Tools, such as ML, frequently utilize what is called discrete mathematics. Discrete mathematics, while a powerful tool in many areas of computer science and mathematics, does have some drawbacks when applied to creating predictive models. Some of the more serious of these drawbacks include:

• Sensitivity to Input Data: Discrete models can be sensitive to changes in input data, especially if the data is noisy or contains outliers. Small changes in input values can lead to significant changes in the model’s predictions, which can be undesirable in many real-world applications. Credit factors and subsequent performance are profoundly noisy, which does not bode well for overly complex modeling forms.

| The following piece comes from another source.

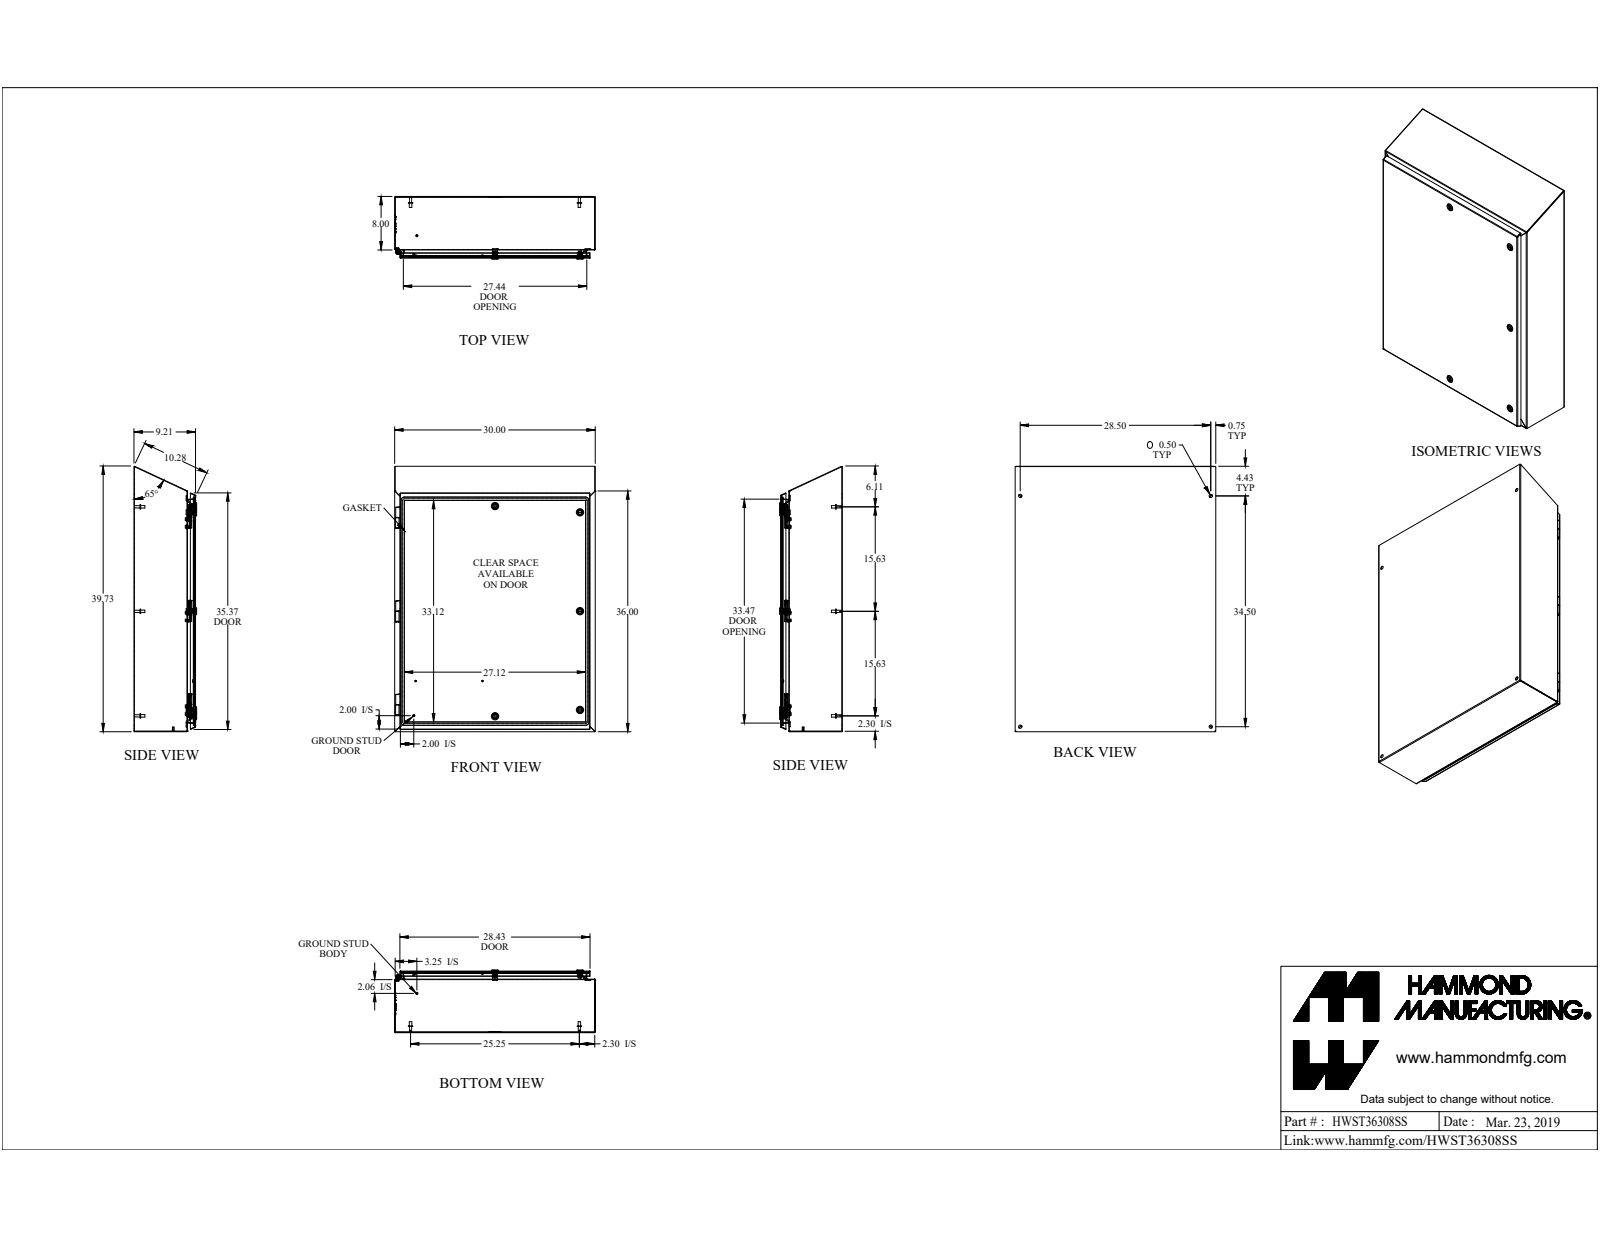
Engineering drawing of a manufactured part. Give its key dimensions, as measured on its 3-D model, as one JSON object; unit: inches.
{"part_name": "HWST36308S16", "step_written_by": "SolidWorks 2019 (AUTOMOTIVE_DESIGN)", "units": "inches", "bodies": {"solids": 69, "faces": 1564, "planar": 983, "cylindrical": 434, "other": 147}, "overall_size": [39.684, 30, 9.37], "volume_in3": 290, "surface_area_in2": 7885, "round_holes": [[0.5, 9], [0.194, 6], [0.194, 6], [0.24, 6], [0.275, 6], [0.197, 5], [0.387, 5], [0.63, 5], [0.768, 5], [0.13, 2], [0.24, 1], [3.5, 1]], "round_bosses_or_shafts": [[0.226, 12], [0.625, 11], [0.65, 6], [0.375, 6], [0.332, 6], [0.236, 6], [1.1, 5], [0.785, 5]], "partial_cylinders_radius": [[0.039, 24], [0.25, 24], [0.125, 22], [0.012, 16], [0.03, 16], [0.108, 16], [0.036, 12], [0.108, 9]], "face_to_face_distances": [0.072, 9.066, 9.138, 0.072, 9.138, 9.21, 29.928, 7.928, 29.856, 30], "hole_center_spacings": [1.142, 13.99, 13.989, 27.979, 12.848, 15.131, 12.75, 12.847]}

• Difficulty in Handling Uncertainty: Predictive modeling often involves dealing with uncertainty in the data and the underlying processes being modeled. Discrete mathematics may not provide adequate tools for quantifying and managing uncertainty, especially compared to probabilistic or statistical approaches.

• Generalization to New Data: Discrete models may struggle with generalizing patterns learned from training data to unseen data, especially if the underlying relationships are complex or not well-represented in the training data. This can result in overfitting or underfitting of the model. This is often the result of what we refer to as inductive bias, which in this case means the data you have to build the model on is not representative of the future period you are applying the model to. This is certainly a relevant concern today in light of the volatility observed from the pandemic through to a high inflationary period.

It is important to think of analytics as a toolbox full of instruments that have good uses for some problems, but not for others. All modeling techniques have strengths and limitations that must be evaluated based on the problem the modeler is trying to solve. The choice of method should not be based on the sophistication or novelty of a particular approach, but on which one validates the most successfully while minimizing the limitations associated with it.

Best Practices

Disciplined lenders tend to read the signs and tighten up credit when the market overheats. Others keep expanding through highly competitive periods, often by loosening up on price and credit standards. The latter group gets hit hardest during economic downturns as consumers with the weakest credit and highest debt loads default. This supports my long-held belief that the majority of the credit equation is based on what the lender does at the point of origination.

Having said that, what we saw during and after the pandemic was unprecedented. Performance improved in 2020 through early 2021 due to a massive amount of forbearance in the entire consumer lending market, enhanced by stimulus. Likewise, record inflation and vehicle prices pushed consumers to default who would not have in other periods. None of those outcomes were caused by a breakdown in credit policy or models.

These performance shocks have caused many lenders to re-evaluate their credit and portfolio management strategies, particularly as it relates to scoring models. As managers seek answers to what might have been missed over the past two years, it is important to not throw out the baby with the bathwater. The key to long-term growth, recovery and stability for lenders is to avoid over-reacting to outside forces and remained focused on best practices that have been reliable for many years.